___ SOURCE DATA ___
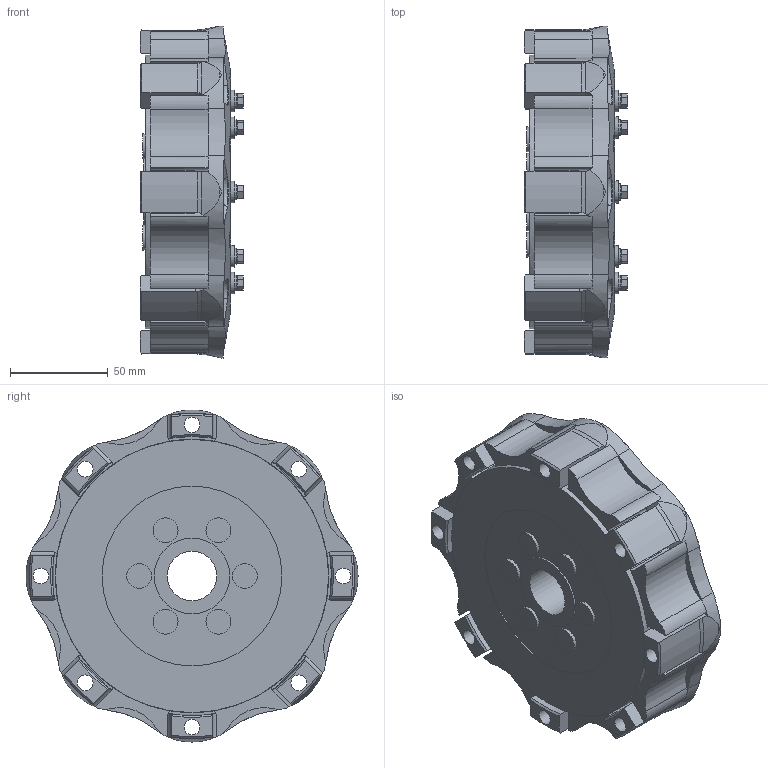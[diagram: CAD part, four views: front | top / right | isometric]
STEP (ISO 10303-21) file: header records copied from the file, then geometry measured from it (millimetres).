
FILE_DESCRIPTION(/* description */ ('Unknown'),/* implementation_level */ '2;1');
FILE_NAME(/* name */ '67-003HG-ACC',/* time_stamp */ '2017-09-11T09:01:02-07:00',/* author */ ('Unknown'),/* organization */ ('Unknown'),/* preprocessor_version */ 'ST-DEVELOPER v16.7',/* originating_system */ 'DEX',/* authorisation */ $);
FILE_SCHEMA (('AUTOMOTIVE_DESIGN {1 0 10303 214 3 1 1}'));
Length unit declared in the file: millimetre
Products named in the file (1): 67-003HG-ACC
Bounding box: 53.01 x 169.67 x 169.67 mm (x, y, z)
Volume: 677613.6 mm3; surface area: 133869.2 mm2
Topology: 1 solids, 1 shells, 766 faces, 2203 edges, 1460 vertices
Faces by surface type: plane 363, cylinder 319, cone 50, torus 34
Full cylindrical faces by diameter (mm): 4.572 x8, 8.077 x8, 8.128 x8, 11.176 x8, 12.7 x6, 25.4 x1, 38.837 x1, 71.095 x1, 71.12 x1, 91.948 x1, 139.7 x1, 142.697 x1
Entity records: 25433 total; most frequent: CARTESIAN_POINT 5670, ORIENTED_EDGE 4238, DIRECTION 3972, EDGE_CURVE 2119, AXIS2_PLACEMENT_3D 1468, VERTEX_POINT 1441, LINE 1036, VECTOR 1036
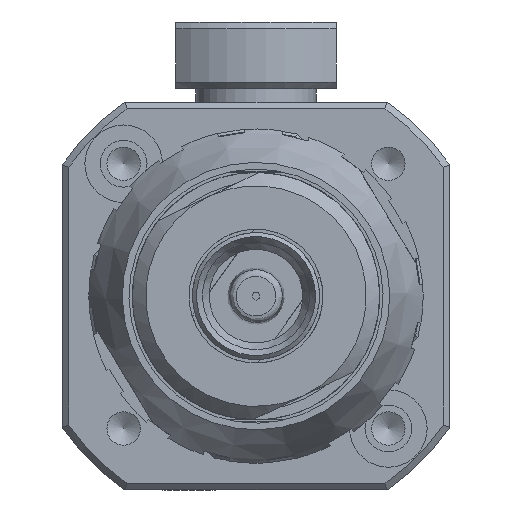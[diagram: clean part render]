
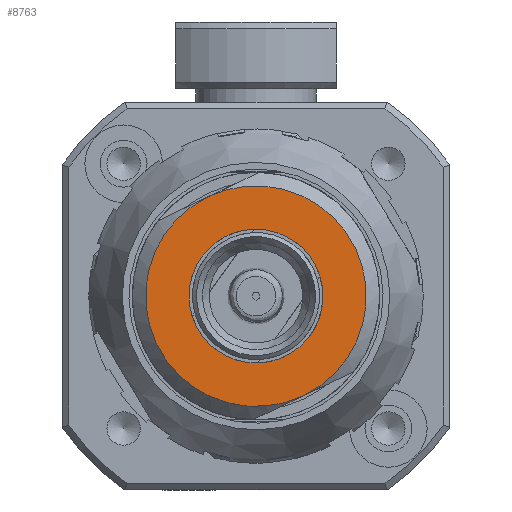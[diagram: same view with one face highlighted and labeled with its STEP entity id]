
A CAD part, front view. The second image highlights one B-rep face of the part: STEP entity #8763.
In plain terms, the highlighted planar face has unit normal (0, -1, 0).
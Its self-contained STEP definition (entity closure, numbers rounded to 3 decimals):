
#2686 = PLANE ( 'NONE',  #46320 ) ;
#3999 = AXIS2_PLACEMENT_3D ( 'NONE', #33921, #4224, #33385 ) ;
#4224 = DIRECTION ( 'NONE',  ( 0., 1., 0. ) ) ;
#6148 = DIRECTION ( 'NONE',  ( -0.429, 0., 0.903 ) ) ;
#7191 = VERTEX_POINT ( 'NONE', #28269 ) ;
#8763 = ADVANCED_FACE ( 'NONE', ( #49794, #40960 ), #2686, .F. ) ;
#11008 = DIRECTION ( 'NONE',  ( 0., 1., 0. ) ) ;
#11125 = CARTESIAN_POINT ( 'NONE',  ( -7.444, -70.732, 132.7 ) ) ;
#12604 = CARTESIAN_POINT ( 'NONE',  ( -7.444, -70.732, 132.7 ) ) ;
#17184 = CIRCLE ( 'NONE', #48168, 3. ) ;
#17469 = VERTEX_POINT ( 'NONE', #51272 ) ;
#17835 = VERTEX_POINT ( 'NONE', #35348 ) ;
#20831 = CIRCLE ( 'NONE', #3999, 8.25 ) ;
#23776 = DIRECTION ( 'NONE',  ( -0.429, 0., 0.903 ) ) ;
#24412 = AXIS2_PLACEMENT_3D ( 'NONE', #11125, #48287, #6148 ) ;
#28269 = CARTESIAN_POINT ( 'NONE',  ( -10.986, -70.732, 140.151 ) ) ;
#29547 = DIRECTION ( 'NONE',  ( 0., -1., 0. ) ) ;
#32113 = CARTESIAN_POINT ( 'NONE',  ( -4.735, -70.732, 133.988 ) ) ;
#32187 = ORIENTED_EDGE ( 'NONE', *, *, #39183, .F. ) ;
#32384 = CIRCLE ( 'NONE', #24412, 8.25 ) ;
#33385 = DIRECTION ( 'NONE',  ( -0.429, 0., 0.903 ) ) ;
#33921 = CARTESIAN_POINT ( 'NONE',  ( -7.444, -70.732, 132.7 ) ) ;
#35348 = CARTESIAN_POINT ( 'NONE',  ( -3.903, -70.732, 125.249 ) ) ;
#38131 = DIRECTION ( 'NONE',  ( 0.429, 0., -0.903 ) ) ;
#38991 = EDGE_LOOP ( 'NONE', ( #49760, #53607 ) ) ;
#39183 = EDGE_CURVE ( 'NONE', #17469, #17469, #17184, .T. ) ;
#40112 = EDGE_CURVE ( 'NONE', #7191, #17835, #20831, .T. ) ;
#40371 = EDGE_CURVE ( 'NONE', #17835, #7191, #32384, .T. ) ;
#40960 = FACE_BOUND ( 'NONE', #52327, .T. ) ;
#46320 = AXIS2_PLACEMENT_3D ( 'NONE', #32113, #11008, #23776 ) ;
#48168 = AXIS2_PLACEMENT_3D ( 'NONE', #12604, #29547, #38131 ) ;
#48287 = DIRECTION ( 'NONE',  ( 0., 1., 0. ) ) ;
#49760 = ORIENTED_EDGE ( 'NONE', *, *, #40371, .F. ) ;
#49794 = FACE_OUTER_BOUND ( 'NONE', #38991, .T. ) ;
#51272 = CARTESIAN_POINT ( 'NONE',  ( -6.157, -70.732, 129.99 ) ) ;
#52327 = EDGE_LOOP ( 'NONE', ( #32187 ) ) ;
#53607 = ORIENTED_EDGE ( 'NONE', *, *, #40112, .F. ) ;
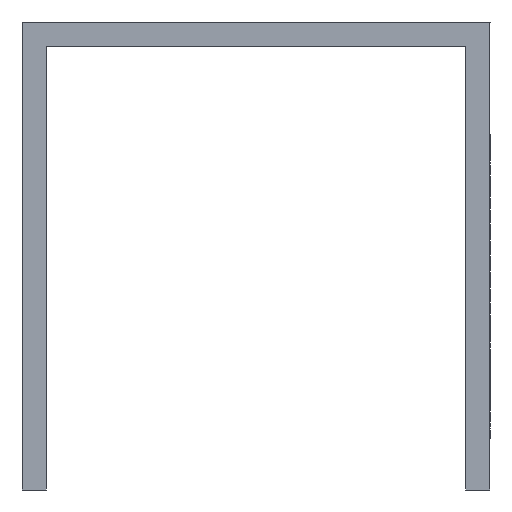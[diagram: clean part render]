
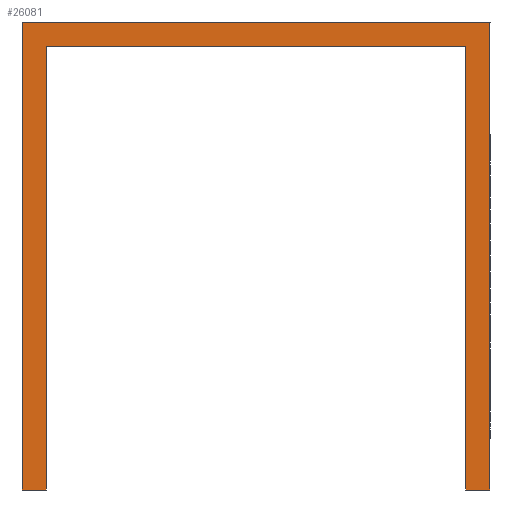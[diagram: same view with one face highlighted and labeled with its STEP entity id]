
A CAD part, front view. The second image highlights one B-rep face of the part: STEP entity #26081.
In plain terms, the highlighted planar face has unit normal (0, -1, 0).
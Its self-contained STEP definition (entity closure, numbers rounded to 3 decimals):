
#2763 = ORIENTED_EDGE ( 'NONE', *, *, #57493, .F. ) ;
#8139 = VECTOR ( 'NONE', #73204, 1000. ) ;
#9267 = VECTOR ( 'NONE', #55717, 1000. ) ;
#9838 = ORIENTED_EDGE ( 'NONE', *, *, #70976, .F. ) ;
#10495 = EDGE_CURVE ( 'NONE', #49005, #48191, #63038, .T. ) ;
#10565 = VERTEX_POINT ( 'NONE', #61887 ) ;
#10989 = ORIENTED_EDGE ( 'NONE', *, *, #47895, .F. ) ;
#11531 = CARTESIAN_POINT ( 'NONE',  ( 21.5, 0., -45.5 ) ) ;
#11982 = CARTESIAN_POINT ( 'NONE',  ( 21.5, 0., 0. ) ) ;
#13977 = ORIENTED_EDGE ( 'NONE', *, *, #46419, .F. ) ;
#14323 = VECTOR ( 'NONE', #65383, 1000. ) ;
#15217 = PLANE ( 'NONE',  #73538 ) ;
#15819 = EDGE_CURVE ( 'NONE', #48191, #10565, #20224, .T. ) ;
#16330 = DIRECTION ( 'NONE',  ( 0., 0., -1. ) ) ;
#16737 = CARTESIAN_POINT ( 'NONE',  ( 24., 0., 2.5 ) ) ;
#18199 = EDGE_CURVE ( 'NONE', #76462, #56737, #24837, .T. ) ;
#20224 = LINE ( 'NONE', #46176, #14323 ) ;
#24669 = LINE ( 'NONE', #11982, #30576 ) ;
#24837 = LINE ( 'NONE', #54806, #8139 ) ;
#25566 = ORIENTED_EDGE ( 'NONE', *, *, #18199, .F. ) ;
#25754 = VECTOR ( 'NONE', #47871, 1000. ) ;
#26081 = ADVANCED_FACE ( 'NONE', ( #29750 ), #15217, .T. ) ;
#26887 = VECTOR ( 'NONE', #79339, 1000. ) ;
#27988 = CARTESIAN_POINT ( 'NONE',  ( -21.5, 0., -45.5 ) ) ;
#28697 = DIRECTION ( 'NONE',  ( 0., -1., 0. ) ) ;
#28918 = LINE ( 'NONE', #11531, #9267 ) ;
#29750 = FACE_OUTER_BOUND ( 'NONE', #63167, .T. ) ;
#29885 = DIRECTION ( 'NONE',  ( 0., 0., 1. ) ) ;
#30409 = CARTESIAN_POINT ( 'NONE',  ( 24., 0., 2.5 ) ) ;
#30576 = VECTOR ( 'NONE', #30902, 1000. ) ;
#30902 = DIRECTION ( 'NONE',  ( 0., 0., 1. ) ) ;
#36657 = VECTOR ( 'NONE', #29885, 1000. ) ;
#37294 = CARTESIAN_POINT ( 'NONE',  ( -24., 0., -45.5 ) ) ;
#41945 = CARTESIAN_POINT ( 'NONE',  ( -24., 0., -45.5 ) ) ;
#42358 = VECTOR ( 'NONE', #71920, 1000. ) ;
#44503 = CARTESIAN_POINT ( 'NONE',  ( -24., 0., 2.5 ) ) ;
#44899 = VERTEX_POINT ( 'NONE', #44503 ) ;
#45046 = ORIENTED_EDGE ( 'NONE', *, *, #15819, .F. ) ;
#46002 = CARTESIAN_POINT ( 'NONE',  ( 24., 0., -45.5 ) ) ;
#46176 = CARTESIAN_POINT ( 'NONE',  ( -21.5, 0., 0. ) ) ;
#46419 = EDGE_CURVE ( 'NONE', #56737, #52254, #28918, .T. ) ;
#47871 = DIRECTION ( 'NONE',  ( -1., 0., 0. ) ) ;
#47895 = EDGE_CURVE ( 'NONE', #52254, #49005, #24669, .T. ) ;
#48191 = VERTEX_POINT ( 'NONE', #58861 ) ;
#48436 = LINE ( 'NONE', #41945, #36657 ) ;
#49005 = VERTEX_POINT ( 'NONE', #68884 ) ;
#52254 = VERTEX_POINT ( 'NONE', #77345 ) ;
#52990 = ORIENTED_EDGE ( 'NONE', *, *, #10495, .F. ) ;
#54806 = CARTESIAN_POINT ( 'NONE',  ( 24., 0., -45.5 ) ) ;
#55717 = DIRECTION ( 'NONE',  ( -1., 0., 0. ) ) ;
#56737 = VERTEX_POINT ( 'NONE', #46002 ) ;
#57493 = EDGE_CURVE ( 'NONE', #72468, #44899, #48436, .T. ) ;
#58861 = CARTESIAN_POINT ( 'NONE',  ( -21.5, 0., 0. ) ) ;
#59954 = CARTESIAN_POINT ( 'NONE',  ( -21.5, 0., 0. ) ) ;
#60559 = EDGE_CURVE ( 'NONE', #10565, #72468, #72877, .T. ) ;
#61887 = CARTESIAN_POINT ( 'NONE',  ( -21.5, 0., -45.5 ) ) ;
#63038 = LINE ( 'NONE', #59954, #25754 ) ;
#63167 = EDGE_LOOP ( 'NONE', ( #10989, #13977, #25566, #9838, #2763, #70463, #45046, #52990 ) ) ;
#65383 = DIRECTION ( 'NONE',  ( 0., 0., -1. ) ) ;
#68884 = CARTESIAN_POINT ( 'NONE',  ( 21.5, 0., 0. ) ) ;
#70463 = ORIENTED_EDGE ( 'NONE', *, *, #60559, .F. ) ;
#70976 = EDGE_CURVE ( 'NONE', #44899, #76462, #80922, .T. ) ;
#71920 = DIRECTION ( 'NONE',  ( -1., 0., 0. ) ) ;
#72468 = VERTEX_POINT ( 'NONE', #37294 ) ;
#72877 = LINE ( 'NONE', #27988, #42358 ) ;
#72883 = CARTESIAN_POINT ( 'NONE',  ( 0., 0., 0. ) ) ;
#73204 = DIRECTION ( 'NONE',  ( 0., 0., -1. ) ) ;
#73538 = AXIS2_PLACEMENT_3D ( 'NONE', #72883, #28697, #16330 ) ;
#76462 = VERTEX_POINT ( 'NONE', #30409 ) ;
#77345 = CARTESIAN_POINT ( 'NONE',  ( 21.5, 0., -45.5 ) ) ;
#79339 = DIRECTION ( 'NONE',  ( 1., 0., 0. ) ) ;
#80922 = LINE ( 'NONE', #16737, #26887 ) ;
___
__GOAL OF THE EXERCISE__: Given the records above, return exactly the lines starting at the line containing "#52254 = VERTEX_POINT ( 'NONE', #77345 ) ;" and ending at the line containing "#65383 = DIRECTION", including both.

__SOLUTION__:
#52254 = VERTEX_POINT ( 'NONE', #77345 ) ;
#52990 = ORIENTED_EDGE ( 'NONE', *, *, #10495, .F. ) ;
#54806 = CARTESIAN_POINT ( 'NONE',  ( 24., 0., -45.5 ) ) ;
#55717 = DIRECTION ( 'NONE',  ( -1., 0., 0. ) ) ;
#56737 = VERTEX_POINT ( 'NONE', #46002 ) ;
#57493 = EDGE_CURVE ( 'NONE', #72468, #44899, #48436, .T. ) ;
#58861 = CARTESIAN_POINT ( 'NONE',  ( -21.5, 0., 0. ) ) ;
#59954 = CARTESIAN_POINT ( 'NONE',  ( -21.5, 0., 0. ) ) ;
#60559 = EDGE_CURVE ( 'NONE', #10565, #72468, #72877, .T. ) ;
#61887 = CARTESIAN_POINT ( 'NONE',  ( -21.5, 0., -45.5 ) ) ;
#63038 = LINE ( 'NONE', #59954, #25754 ) ;
#63167 = EDGE_LOOP ( 'NONE', ( #10989, #13977, #25566, #9838, #2763, #70463, #45046, #52990 ) ) ;
#65383 = DIRECTION ( 'NONE',  ( 0., 0., -1. ) ) ;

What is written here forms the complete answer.